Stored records
[Start of Attachment]
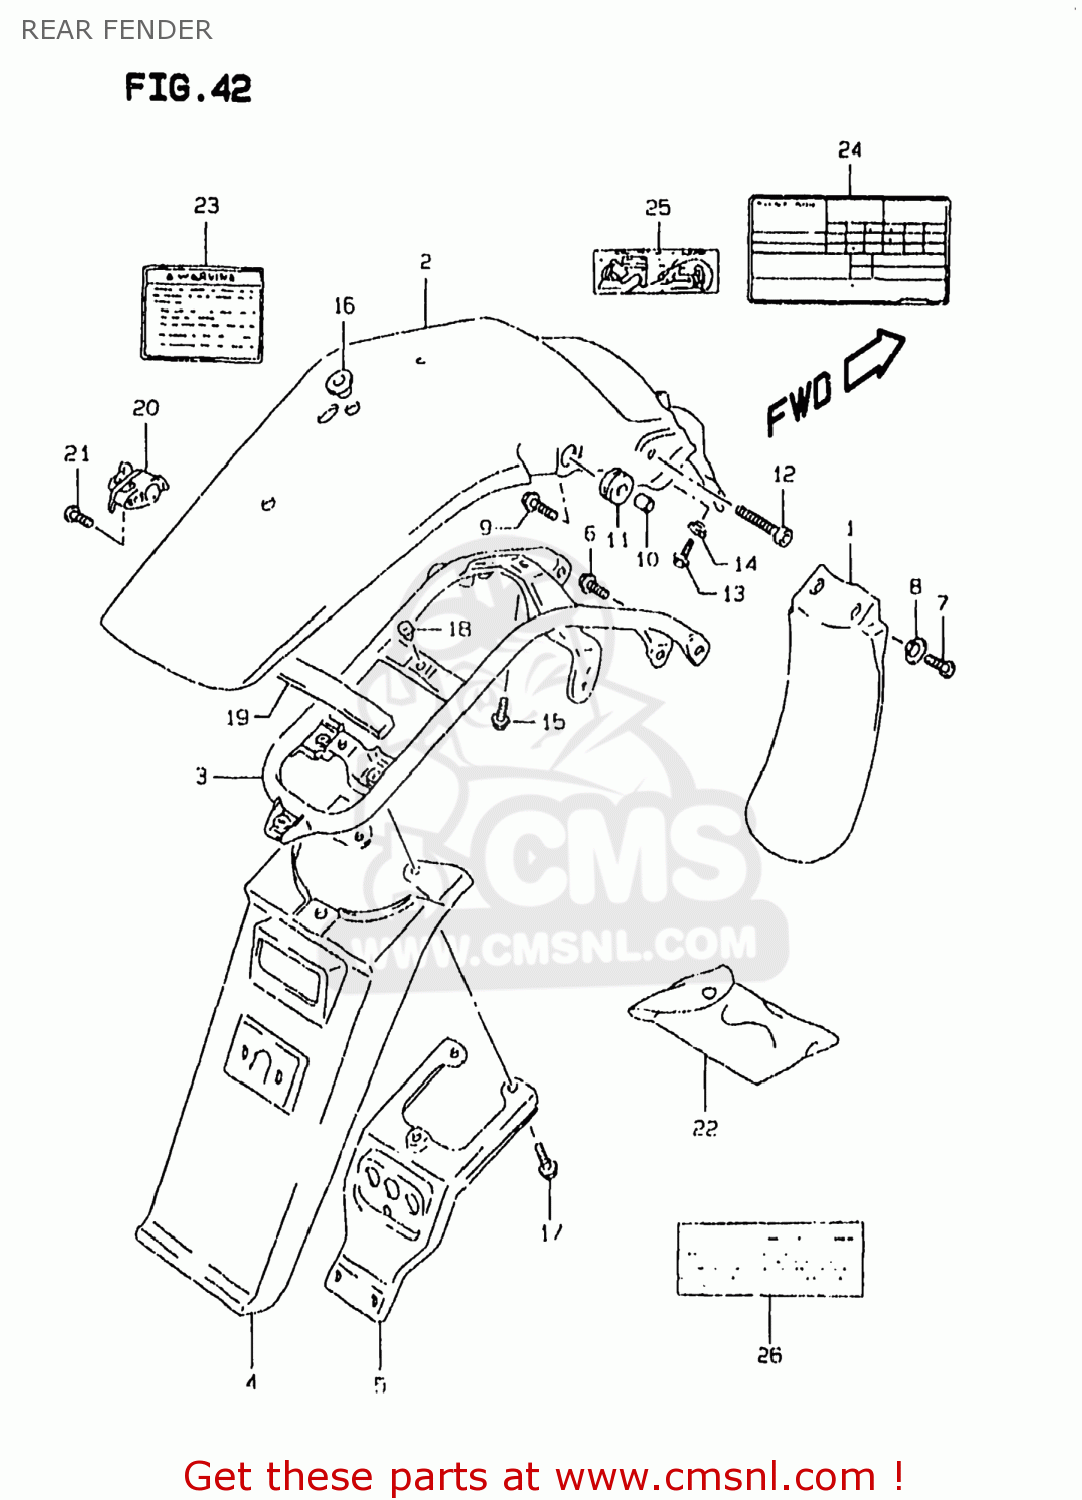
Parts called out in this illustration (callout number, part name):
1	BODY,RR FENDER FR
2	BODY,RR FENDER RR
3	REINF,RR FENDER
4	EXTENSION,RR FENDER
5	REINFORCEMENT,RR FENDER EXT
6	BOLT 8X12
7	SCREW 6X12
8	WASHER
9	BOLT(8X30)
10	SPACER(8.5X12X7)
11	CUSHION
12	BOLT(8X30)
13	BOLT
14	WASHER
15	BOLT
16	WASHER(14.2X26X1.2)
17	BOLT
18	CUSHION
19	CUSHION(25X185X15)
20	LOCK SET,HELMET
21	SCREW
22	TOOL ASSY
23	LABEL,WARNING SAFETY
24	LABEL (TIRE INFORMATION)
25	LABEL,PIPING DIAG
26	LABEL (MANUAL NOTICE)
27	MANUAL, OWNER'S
[End of Attachment]
- **WHAT YOU SHOULD DO**
Pictures excluded, quote all the data above exactly.

- **EXERCISE SOLUTION**
Parts called out in this illustration (callout number, part name):
1	BODY,RR FENDER FR
2	BODY,RR FENDER RR
3	REINF,RR FENDER
4	EXTENSION,RR FENDER
5	REINFORCEMENT,RR FENDER EXT
6	BOLT 8X12
7	SCREW 6X12
8	WASHER
9	BOLT(8X30)
10	SPACER(8.5X12X7)
11	CUSHION
12	BOLT(8X30)
13	BOLT
14	WASHER
15	BOLT
16	WASHER(14.2X26X1.2)
17	BOLT
18	CUSHION
19	CUSHION(25X185X15)
20	LOCK SET,HELMET
21	SCREW
22	TOOL ASSY
23	LABEL,WARNING SAFETY
24	LABEL (TIRE INFORMATION)
25	LABEL,PIPING DIAG
26	LABEL (MANUAL NOTICE)
27	MANUAL, OWNER'S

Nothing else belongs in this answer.